### Poster

## On the Complexity of Representation Learning in Contextual Linear Bandits

### Andrea Tirinzoni · Matteo Pirotta · Alessandro Lazaric

##### Auditorium 1 Foyer 62

In contextual linear bandits, the reward function is assumed to be a linear combination of an unknown reward vector and a given embedding of context-arm pairs. In practice, the embedding is often learned at the same time as the reward vector, thus leading to an online representation learning problem. Existing approaches to representation learning in contextual bandits are either very generic (e.g., model-selection techniques or algorithms for learning with arbitrary function classes) or specialized to particular structures (e.g., nested features or representations with certain spectral properties). As a result, the understanding of the cost of representation learning in contextual linear bandit is still limited. In this paper, we take a systematic approach to the problem and provide a comprehensive study through an instance-dependent perspective.
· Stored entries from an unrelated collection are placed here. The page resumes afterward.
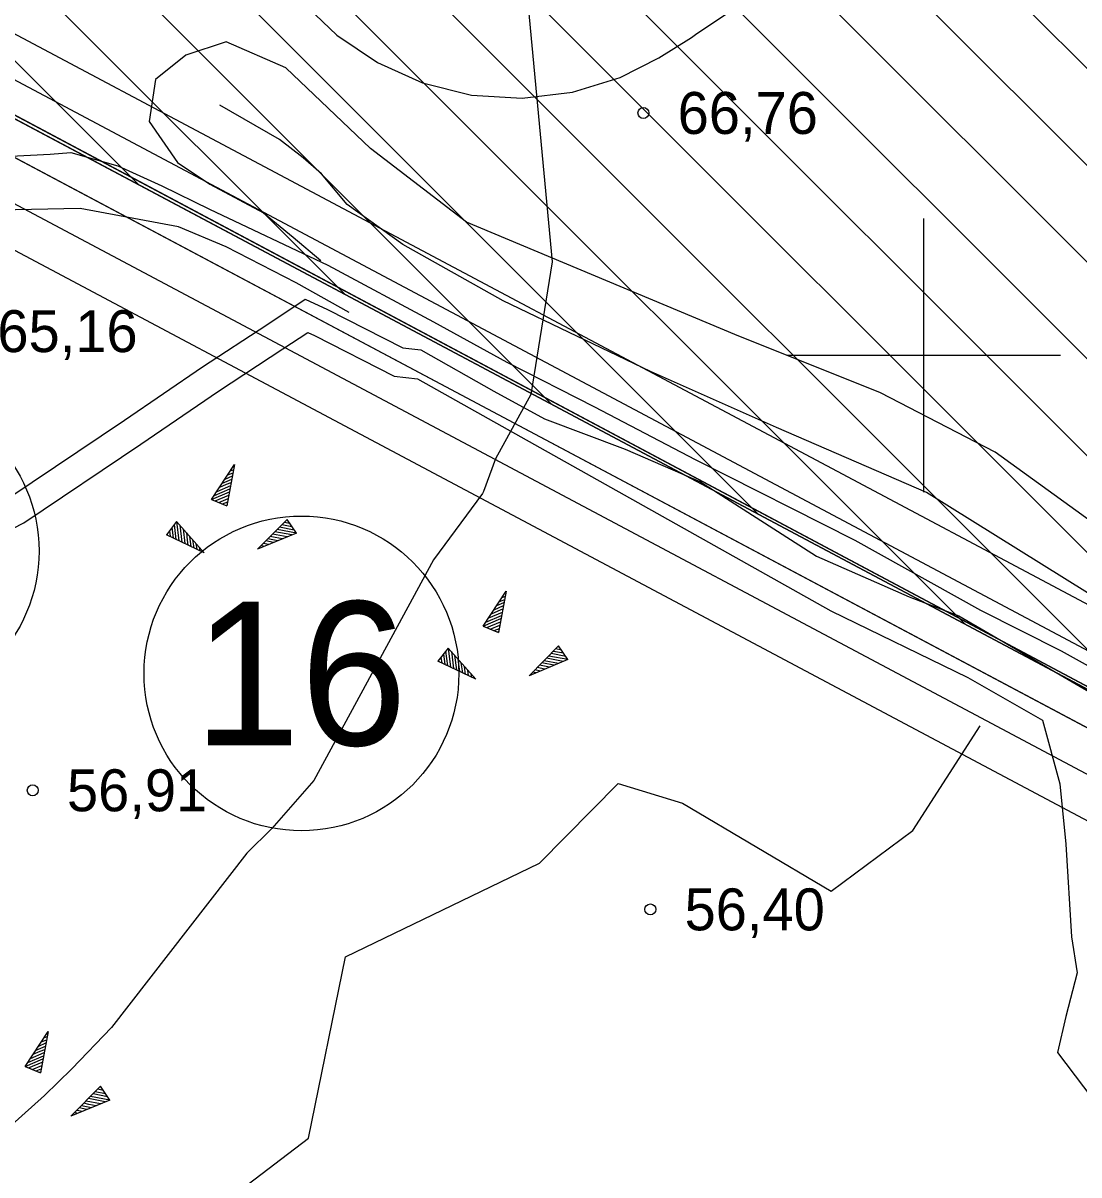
# Model space of a CAD drawing. Extents: x 532503 to 539665, y 6557663 to 6561526.
# Drawn here: x 534947.4 to 535009.1, y 6559752.1 to 6559819.4 of the extents above; entities that cross this region are included whole.
import ezdxf

# ---------------------------------------------------------------- set-up
doc = ezdxf.new("R2010")
doc.units = 0
for name, color, linetype in [('Default', 7, 'Continuous'), ('illumineerimisjooned', 7, 'Continuous'), ('Kaevandatud ala', 7, 'Continuous'), ('kataster', 7, 'Continuous'), ('KORGUS-EH2000', 7, 'Continuous'), ('Lamami horisontaal_EH2000', 7, 'Continuous'), ('ME_aktiivne', 7, 'Continuous'), ('PIIR', 7, 'Continuous'), ('PIIR_me', 7, 'Continuous'), ('Plokid', 7, 'Continuous'), ('RELJEEF', 7, 'Continuous'), ('TM_aktiivne', 7, 'Continuous'), ('VORK', 7, 'Continuous')]:
    doc.layers.add(name, color=color, linetype=linetype)

# ---------------------------------------------------------------- blocks, each defined once
blk = doc.blocks.new('POINT_DISPLAY')
at = {"layer": 'Default'}
blk.add_line((0, 0), (0, 0), dxfattribs=at)

msp = doc.modelspace()

# ---------------------------------------------------------------- linework, layer by layer
at = {"layer": 'illumineerimisjooned'}
for points in [[(534195.15, 6559981.187), (534198.982, 6559981.551), (535160.123, 6560071.768), (535418.528, 6559993.818), (535458.873, 6559929.252), (535494.628, 6559867.696), (535482.599, 6559826.001), (535251.738, 6559649.676), (535250.358, 6559648.526), (535180.445, 6559687.333), (534941.147, 6559814.594), (534876.935, 6559774.719), (534959.617, 6559531.323), (534733.77, 6559483.152), (534375.905, 6559461.866), (534195.514, 6559444.474)], [(535103.273, 6559501.74), (534971.344, 6559496.804), (534876.945, 6559774.719), (534941.147, 6559814.604), (535178.869, 6559688.171)], [(534960.711, 6559535.564), (534879.83, 6559773.686), (534941.24, 6559811.836), (535177.962, 6559685.935)]]:
    msp.add_lwpolyline(points, dxfattribs=at)
msp.add_lwpolyline([(534967.673, 6560049.69), (534974.155, 6559828.082), (535058.693, 6559883.051), (535223.499, 6560002.448), (535218.56, 6560049.918), (535415.933, 6559990.422), (535455.447, 6559927.188), (535490.312, 6559867.164), (535479.121, 6559828.379), (535249.574, 6559653.049), (535182.36, 6559690.845), (534940.993, 6559819.216), (534872.135, 6559776.441), (534954.369, 6559534.338), (534950.911, 6559533.67), (534733.22, 6559487.117), (534375.585, 6559465.864), (534199.951, 6559448.922), (533951.788, 6559660.129), (534200.214, 6559977.649), (534931.627, 6560046.309)], close=True, dxfattribs=at)
at = {"layer": 'Kaevandatud ala'}
for p, q in [((534955.885, 6559847.793), (535038.684, 6559764.994)), ((534952.616, 6559845.405), (535026.601, 6559771.42)), ((534948.592, 6559843.772), (535014.517, 6559777.847)), ((534942.035, 6559839.015), (534990.35, 6559790.7)), ((534947.823, 6559838.884), (535002.434, 6559784.273)), ((534940.755, 6559834.638), (534978.267, 6559797.127)), ((534935.513, 6559834.224), (534966.183, 6559803.553)), ((534932.015, 6559832.065), (534954.1, 6559809.98)), ((534977.01, 6559832.324), (535050.768, 6559758.567)), ((534984.096, 6559830.895), (535062.851, 6559752.14)), ((534996.108, 6559830.198), (535087.018, 6559739.287)), ((534991.44, 6559829.208), (535074.935, 6559745.714))]:
    msp.add_line(p, q, dxfattribs=at)
msp.add_lwpolyline([(534874.54, 6559775.58), (534941.07, 6559816.91), (535181.4, 6559689.09)], dxfattribs=at)
at = {"layer": 'kataster'}
for points in [[(533947.7, 6559658.95), (533949.2, 6559955.8), (534198.28, 6559979.48), (535159.89, 6560069.73), (535417.31, 6559992.13), (535457.22, 6559928.24), (535504.86, 6559846.09), (535250.3, 6559650.84), (535181.52, 6559689.04), (534941.15, 6559817.08), (534874.65, 6559775.26), (534957.01, 6559532.73), (534735.22, 6559485.45), (534375.71, 6559463.85), (534199.28, 6559446.9), (534122.84, 6559439.44), (534110.45, 6559447.36), (534092.53, 6559453.94), (534085.13, 6559454.75)], [(534957.01, 6559532.73), (534874.65, 6559775.26), (534941.15, 6559817.08), (535181.52, 6559689.04), (535104.64, 6559499.79), (534969.93, 6559494.75)]]:
    msp.add_lwpolyline(points, close=True, dxfattribs=at)
at = {"layer": 'KORGUS-EH2000'}
for centre in [(534983.62, 6559814.165), (534947.922, 6559774.569), (534984.024, 6559767.607)]:
    msp.add_circle(centre, 0.32, dxfattribs=at)
at = {"layer": 'Lamami horisontaal_EH2000'}
msp.add_lwpolyline([(534948.61, 6559868.336), (534959.559, 6559855.631), (534962.846, 6559852.329), (534963.478, 6559851.608), (534969.311, 6559840.662), (534970.343, 6559839.3), (534974.316, 6559830.834), (534976.179, 6559827.865), (534978.276, 6559805.462), (534977.047, 6559797.709), (534974.967, 6559793.942), (534974.262, 6559792.029), (534974.206, 6559791.92), (534971.342, 6559788.044), (534964.361, 6559775.147), (534961.905, 6559772.338), (534960.442, 6559770.885), (534952.529, 6559760.708), (534950.203, 6559758.284), (534948.61, 6559756.736), (534944.621, 6559753.17)], dxfattribs=at)
at = {"layer": 'ME_aktiivne'}
msp.add_lwpolyline([(534874.54, 6559775.58), (534941.07, 6559816.91), (535181.4, 6559689.09), (535131.71, 6559566.56), (534957, 6559532.81)], close=True, dxfattribs=at)
at = {"layer": 'PIIR'}
for centre in [(534939.089, 6559788.556), (534963.629, 6559781.403)]:
    msp.add_circle(centre, 9.2, dxfattribs=at)
at = {"layer": 'PIIR_me'}
msp.add_lwpolyline([(534441.63, 6560002.32), (534688.17, 6560025.46), (534931.44, 6560048.3), (534969.61, 6560051.877), (534976.05, 6559831.7), (535057.56, 6559884.7), (535221.39, 6560003.39), (535216.26, 6560052.7), (535417.23, 6559992.12), (535457.16, 6559928.22), (535492.47, 6559867.43), (535480.86, 6559827.19), (535250.12, 6559650.95), (535250.12, 6559650.95), (535181.4, 6559689.09), (534941.07, 6559816.91), (534874.54, 6559775.58), (534957, 6559532.81), (534951.31, 6559531.71), (534733.49, 6559485.13), (534485.11, 6559470.37)], dxfattribs=at)
at = {"layer": 'Plokid'}
for points in [[(535473.831, 6559827.358), (535249.729, 6559656.195), (535183.501, 6559692.956), (534940.9, 6559821.974), (534869.24, 6559777.474), (534950.465, 6559538.369)], [(534963.6, 6559820.725), (534965.689, 6559818.717), (534968.069, 6559817.12), (534970.705, 6559815.928), (534973.573, 6559815.215), (534976.526, 6559815.029), (534979.466, 6559815.379), (534982.252, 6559816.24), (534984.52, 6559817.392), (534986.425, 6559818.585), (534986.744, 6559818.81), (534989.344, 6559820.554)], [(534961.532, 6559540.611), (534882.716, 6559772.654), (534941.333, 6559809.068), (535174.925, 6559684.832)]]:
    msp.add_lwpolyline(points, dxfattribs=at)
at = {"layer": 'RELJEEF'}
for p, q in [((534958.377, 6559791.563), (534959.721, 6559793.611)), ((534959.721, 6559793.611), (534959.273, 6559791.195)), ((534959.641, 6559793.483), (534959.705, 6559793.515)), ((534959.017, 6559792.523), (534959.561, 6559792.763)), ((534959.177, 6559792.763), (534959.593, 6559792.955)), ((534959.321, 6559793.003), (534959.641, 6559793.131)), ((534959.481, 6559793.243), (534959.673, 6559793.323)), ((534958.377, 6559791.563), (534959.417, 6559792.011)), ((534958.537, 6559791.803), (534959.449, 6559792.187)), ((534958.697, 6559792.043), (534959.497, 6559792.379)), ((534958.857, 6559792.283), (534959.257, 6559792.459)), ((534959.257, 6559792.459), (534959.529, 6559792.571)), ((534958.377, 6559791.563), (534959.273, 6559791.195)), ((534958.585, 6559791.483), (534959.385, 6559791.819)), ((534958.793, 6559791.387), (534959.353, 6559791.627)), ((534959.017, 6559791.307), (534959.321, 6559791.435)), ((534959.225, 6559791.227), (534959.273, 6559791.243)), ((534956.324, 6559790.28), (534955.732, 6559789.512)), ((534956.18, 6559790.104), (534956.292, 6559789.24)), ((534956.324, 6559790.28), (534957.94, 6559788.456)), ((534956.324, 6559790.28), (534956.468, 6559789.16)), ((534956.516, 6559790.072), (534956.644, 6559789.08)), ((534961.058, 6559788.664), (534962.786, 6559790.408)), ((534963.074, 6559789.976), (534962.482, 6559790.088)), ((534962.946, 6559790.168), (534962.626, 6559790.232)), ((534962.818, 6559790.36), (534962.754, 6559790.36)), ((534963.33, 6559789.608), (534962.786, 6559790.408)), ((534957.94, 6559788.456), (534955.732, 6559789.512)), ((534955.764, 6559789.56), (534955.78, 6559789.496)), ((534955.908, 6559789.736), (534955.956, 6559789.416)), ((534956.052, 6559789.928), (534956.132, 6559789.336)), ((534956.708, 6559789.848), (534956.82, 6559789)), ((534956.9, 6559789.64), (534956.948, 6559789.192)), ((534957.076, 6559789.416), (534957.172, 6559788.824)), ((534963.33, 6559789.608), (534961.058, 6559788.664)), ((534962.098, 6559789.352), (534961.81, 6559789.416)), ((534962.786, 6559789.384), (534961.938, 6559789.544)), ((534963.058, 6559789.496), (534962.082, 6559789.688)), ((534962.53, 6559789.272), (534962.098, 6559789.352)), ((534963.33, 6559789.608), (534962.21, 6559789.816)), ((534963.202, 6559789.784), (534962.354, 6559789.96)), ((534956.948, 6559789.192), (534956.996, 6559788.904)), ((534957.268, 6559789.208), (534957.332, 6559788.744)), ((534957.46, 6559788.984), (534957.508, 6559788.664)), ((534957.652, 6559788.776), (534957.684, 6559788.568)), ((534961.186, 6559788.712), (534961.138, 6559788.728)), ((534961.458, 6559788.824), (534961.266, 6559788.872)), ((534961.73, 6559788.936), (534961.394, 6559789)), ((534961.986, 6559789.048), (534961.538, 6559789.144)), ((534962.258, 6559789.16), (534961.666, 6559789.272)), ((534957.844, 6559788.552), (534957.86, 6559788.488)), ((534974.253, 6559784.165), (534975.597, 6559786.213)), ((534975.597, 6559786.213), (534975.149, 6559783.797)), ((534975.517, 6559786.085), (534975.581, 6559786.117)), ((534974.893, 6559785.125), (534975.437, 6559785.365)), ((534975.053, 6559785.365), (534975.469, 6559785.557)), ((534975.197, 6559785.605), (534975.517, 6559785.733)), ((534975.357, 6559785.845), (534975.549, 6559785.925)), ((534974.253, 6559784.165), (534975.293, 6559784.613)), ((534974.413, 6559784.405), (534975.325, 6559784.789)), ((534974.573, 6559784.645), (534975.373, 6559784.981)), ((534974.733, 6559784.885), (534975.133, 6559785.061)), ((534975.133, 6559785.061), (534975.405, 6559785.173)), ((534974.253, 6559784.165), (534975.149, 6559783.797)), ((534974.461, 6559784.085), (534975.261, 6559784.421)), ((534974.669, 6559783.989), (534975.229, 6559784.229)), ((534974.893, 6559783.909), (534975.197, 6559784.037)), ((534975.101, 6559783.829), (534975.149, 6559783.845)), ((534972.2, 6559782.883), (534971.608, 6559782.115)), ((534972.056, 6559782.707), (534972.168, 6559781.843)), ((534972.2, 6559782.883), (534973.816, 6559781.059)), ((534972.2, 6559782.883), (534972.344, 6559781.763)), ((534972.392, 6559782.675), (534972.52, 6559781.683)), ((534976.934, 6559781.267), (534978.662, 6559783.011)), ((534978.95, 6559782.579), (534978.358, 6559782.691)), ((534978.822, 6559782.771), (534978.502, 6559782.835)), ((534978.694, 6559782.963), (534978.63, 6559782.963)), ((534979.206, 6559782.211), (534978.662, 6559783.011)), ((534973.816, 6559781.059), (534971.608, 6559782.115)), ((534971.64, 6559782.163), (534971.656, 6559782.099)), ((534971.784, 6559782.339), (534971.832, 6559782.019)), ((534971.928, 6559782.531), (534972.008, 6559781.939)), ((534972.584, 6559782.451), (534972.696, 6559781.603)), ((534972.776, 6559782.243), (534972.824, 6559781.795)), ((534972.952, 6559782.019), (534973.048, 6559781.427)), ((534979.206, 6559782.211), (534976.934, 6559781.267)), ((534977.974, 6559781.955), (534977.686, 6559782.019)), ((534978.662, 6559781.987), (534977.814, 6559782.147)), ((534978.934, 6559782.099), (534977.958, 6559782.291)), ((534978.406, 6559781.875), (534977.974, 6559781.955)), ((534979.206, 6559782.211), (534978.086, 6559782.419)), ((534979.078, 6559782.387), (534978.23, 6559782.563)), ((534972.824, 6559781.795), (534972.872, 6559781.507)), ((534973.144, 6559781.811), (534973.208, 6559781.347)), ((534973.336, 6559781.587), (534973.384, 6559781.267)), ((534973.528, 6559781.379), (534973.56, 6559781.171)), ((534977.062, 6559781.315), (534977.014, 6559781.331)), ((534977.334, 6559781.427), (534977.142, 6559781.475)), ((534977.606, 6559781.539), (534977.27, 6559781.603)), ((534977.862, 6559781.651), (534977.414, 6559781.747)), ((534978.134, 6559781.763), (534977.542, 6559781.875)), ((534973.72, 6559781.155), (534973.736, 6559781.091)), ((534947.474, 6559758.418), (534948.818, 6559760.466)), ((534948.818, 6559760.466), (534948.37, 6559758.05)), ((534948.738, 6559760.338), (534948.802, 6559760.37)), ((534948.274, 6559759.618), (534948.69, 6559759.81)), ((534948.418, 6559759.858), (534948.738, 6559759.986)), ((534948.578, 6559760.098), (534948.77, 6559760.178)), ((534947.634, 6559758.658), (534948.546, 6559759.042)), ((534947.794, 6559758.898), (534948.594, 6559759.234)), ((534947.954, 6559759.138), (534948.354, 6559759.314)), ((534948.114, 6559759.378), (534948.658, 6559759.618)), ((534948.354, 6559759.314), (534948.626, 6559759.426)), ((534947.474, 6559758.418), (534948.514, 6559758.866)), ((534947.474, 6559758.418), (534948.37, 6559758.05)), ((534947.682, 6559758.338), (534948.482, 6559758.674)), ((534947.89, 6559758.242), (534948.45, 6559758.482)), ((534948.114, 6559758.162), (534948.418, 6559758.29)), ((534948.322, 6559758.082), (534948.37, 6559758.098)), ((534950.155, 6559755.52), (534951.883, 6559757.264)), ((534952.043, 6559757.024), (534951.723, 6559757.088)), ((534951.915, 6559757.216), (534951.851, 6559757.216)), ((534952.427, 6559756.464), (534951.883, 6559757.264)), ((534952.427, 6559756.464), (534950.155, 6559755.52)), ((534951.883, 6559756.24), (534951.035, 6559756.4)), ((534952.155, 6559756.352), (534951.179, 6559756.544)), ((534952.427, 6559756.464), (534951.307, 6559756.672)), ((534952.299, 6559756.64), (534951.451, 6559756.816)), ((534952.171, 6559756.832), (534951.579, 6559756.944)), ((534950.555, 6559755.68), (534950.363, 6559755.728)), ((534950.827, 6559755.792), (534950.491, 6559755.856)), ((534951.083, 6559755.904), (534950.635, 6559756)), ((534951.355, 6559756.016), (534950.763, 6559756.128)), ((534951.195, 6559756.208), (534950.907, 6559756.272)), ((534951.627, 6559756.128), (534951.195, 6559756.208)), ((534950.283, 6559755.568), (534950.235, 6559755.584))]:
    msp.add_line(p, q, dxfattribs=at)
for points in [[(535010.727, 6559789.608), (535004.185, 6559794.343), (534997.477, 6559797.806), (534988.968, 6559801.212), (534973.285, 6559807.783), (534967.662, 6559812.098), (534962.717, 6559816.805), (534959.233, 6559818.318), (534956.877, 6559817.549), (534955.098, 6559816.117), (534954.723, 6559813.675), (534956.388, 6559811.264), (534958.274, 6559809.999), (534961.414, 6559808.334), (534963.145, 6559806.903), (534964.755, 6559805.543)], [(535047.455, 6559767.7), (535045.822, 6559765.819), (535042.775, 6559766.983), (535038.612, 6559769.298), (535030.554, 6559774.104), (535021.309, 6559779.446), (535010.921, 6559785.273), (535000.172, 6559791.974), (534991.401, 6559795.786), (534984.042, 6559799.054), (534975.412, 6559803.179), (534969.551, 6559806.479), (534966.309, 6559808.818), (534964.792, 6559810.617), (534963.734, 6559811.535), (534962.353, 6559812.616), (534958.851, 6559814.626)], [(534943.926, 6559811.507), (534948.934, 6559811.75), (534950.157, 6559811.848), (534952.894, 6559811.072), (534955.474, 6559809.906), (534958.257, 6559808.543), (534965.18, 6559805.272), (534971.349, 6559801.964), (534975.639, 6559799.592), (534980.752, 6559796.985), (534986.642, 6559793.917), (534995.987, 6559789.196), (535003.32, 6559785.092), (535008.035, 6559782.716), (535013.956, 6559779.425), (535022.745, 6559775.159), (535031.505, 6559770.264), (535038.015, 6559766.492), (535042.284, 6559764.124), (535044.76, 6559762.654), (535046.987, 6559761.913), (535050.526, 6559759.787), (535053.399, 6559756.557), (535053.749, 6559754.363)], [(534966.413, 6559802.495), (534963.314, 6559804.241), (534959.226, 6559806.349), (534956.45, 6559807.504), (534950.693, 6559808.59), (534945.942, 6559808.482), (534939.275, 6559807.469), (534936.044, 6559806.562), (534932.1, 6559803.022), (534928.693, 6559804.569), (534923.716, 6559801.345), (534920.276, 6559799.267), (534915.665, 6559796.878), (534910.776, 6559794.357), (534905.918, 6559791.333), (534899.817, 6559788.233), (534889.658, 6559782.667), (534885.462, 6559780.463), (534880.206, 6559778.103)], [(534946.533, 6559791.665), (534953.285, 6559796.213), (534957.847, 6559799.322), (534961.608, 6559801.786), (534963.841, 6559803.278), (534965.144, 6559802.684), (534969.55, 6559800.434), (534970.61, 6559800.312)], [(534941.268, 6559787.04), (534947.402, 6559790.204), (534954.241, 6559794.812), (534958.789, 6559797.911), (534962.546, 6559800.372), (534963.997, 6559801.341), (534964.396, 6559801.154), (534969.052, 6559798.781), (534970.415, 6559798.619)], [(534970.61, 6559800.312), (534974.867, 6559797.911), (534977.828, 6559796.283), (534982.547, 6559794.52), (534986.964, 6559792.603), (534993.728, 6559788.262), (534999.15, 6559785.886), (535002.048, 6559784.761), (535015.064, 6559777.195)], [(534970.415, 6559798.619), (534994.566, 6559785.059), (535002.588, 6559781.171), (535006.948, 6559778.677), (535007.966, 6559774.949), (535008.311, 6559771.428), (535008.648, 6559765.994), (535008.973, 6559763.896), (535008.315, 6559761.354), (535007.83, 6559759.242)], [(534945.69, 6559737.942), (534953.976, 6559736.717), (534957.511, 6559740.57), (534959.177, 6559744.854), (534958.555, 6559750.039), (534964.034, 6559754.238), (534966.206, 6559764.827), (534977.543, 6559770.3), (534982.152, 6559774.971), (534985.902, 6559773.808), (534994.598, 6559768.676), (534999.363, 6559772.217), (535003.305, 6559778.331)], [(535007.83, 6559759.242), (535015.903, 6559748.563), (535017.476, 6559737.977), (535018.301, 6559737.855), (535024.429, 6559734.986), (535031.266, 6559731.988), (535038.211, 6559723.99), (535043.824, 6559714.656), (535047.675, 6559707.009), (535061.179, 6559696.438), (535066.266, 6559693.121), (535073.71, 6559686.849), (535077.033, 6559683.833), (535080.737, 6559680.562), (535085.929, 6559676.258), (535091.056, 6559674.474)]]:
    msp.add_lwpolyline(points, dxfattribs=at)
at = {"layer": 'TM_aktiivne'}
for points in [[(535159.92, 6560069.74), (535417.23, 6559992.12), (535457.16, 6559928.22), (535492.47, 6559867.43), (535480.86, 6559827.19), (535250.49, 6559651.24), (535250.13, 6559650.94), (535181.4, 6559689.09), (534941.07, 6559816.9), (534874.53, 6559775.58), (534957, 6559532.81), (534733.5, 6559485.14), (534375.75, 6559463.86), (534199.32, 6559446.85), (534124.95, 6559439.68), (533949.03, 6559659.85), (533949.15, 6559955.79), (534199.17, 6559979.56)], [(534874.54, 6559775.58), (534941.07, 6559816.91), (535181.4, 6559689.09), (535104.64, 6559499.79), (534969.93, 6559494.75)]]:
    msp.add_lwpolyline(points, close=True, dxfattribs=at)
at = {"layer": 'VORK'}
for p, q in [((535000, 6559808.001), (535000, 6559791.999)), ((534991.999, 6559800), (535008.001, 6559800))]:
    msp.add_line(p, q, dxfattribs=at)

# ---------------------------------------------------------------- block references
at = {"layer": 'RELJEEF', "xscale": 160, "yscale": 160}
for p in [(534958.377, 6559791.563), (534956.324, 6559790.28), (534963.33, 6559789.608), (534974.253, 6559784.165), (534972.2, 6559782.883), (534979.206, 6559782.211), (534947.474, 6559758.418), (534952.427, 6559756.464)]:
    msp.add_blockref('POINT_DISPLAY', p, dxfattribs=at)

# ---------------------------------------------------------------- texts
at = {"layer": 'KORGUS-EH2000'}
for s, p in [('66,76 ', (534985.62, 6559812.94)), ('65,16 ', (534945.854, 6559800.186)), ('56,91 ', (534949.922, 6559773.344)), ('56,40 ', (534986.024, 6559766.382))]:
    msp.add_text(s, height=2.45, dxfattribs=at).set_placement(p)
at = {"layer": 'PIIR'}
msp.add_text('16', height=8.4, dxfattribs=at).set_placement((534957.313, 6559777.203))

doc.saveas('drawing.dxf')
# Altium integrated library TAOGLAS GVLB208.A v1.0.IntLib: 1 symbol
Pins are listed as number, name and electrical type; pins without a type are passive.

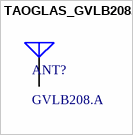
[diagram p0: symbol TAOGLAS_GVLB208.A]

## TAOGLAS_GVLB208.A
designator ANT?, comment GVLB208.A
GNSS L1/L5 Single Feed Stacked Patch 20*20*8mm; ComponentLibStatus: Created; MFG: Taoglas; Temp_High: +85C; Temp_Low: -40C
footprint TAOGLAS_GVLB208.A (GNSS L1/L5 Single Feed Stacked Patch 20*20*8mm)
pins: 1 RF FEED
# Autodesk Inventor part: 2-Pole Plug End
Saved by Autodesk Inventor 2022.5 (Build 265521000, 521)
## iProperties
Created: 2025-02
Part Number: 2-Pole Plug End
Material: Generic
Document SubType Name: Modeling
Designer: AdminForWorker
Density: 1 g/cm^3
Appearance: Default
Title: 2-Pole Plug End
Author: AdminForWorker
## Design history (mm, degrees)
feature "2-Pole Plug End"
body "Solid1"

We show that representation learning is fundamentally more complex than linear bandits (i.e., learning with a given representation). In particular, learning with a given set of representations is never simpler than learning with the worst realizable representation in the set, while we show cases where it can be arbitrarily harder. We complement this result with an extensive discussion of how it relates to existing literature and we illustrate positive instances where representation learning is as complex as learning with a fixed representation and where sub-logarithmic regret is achievable.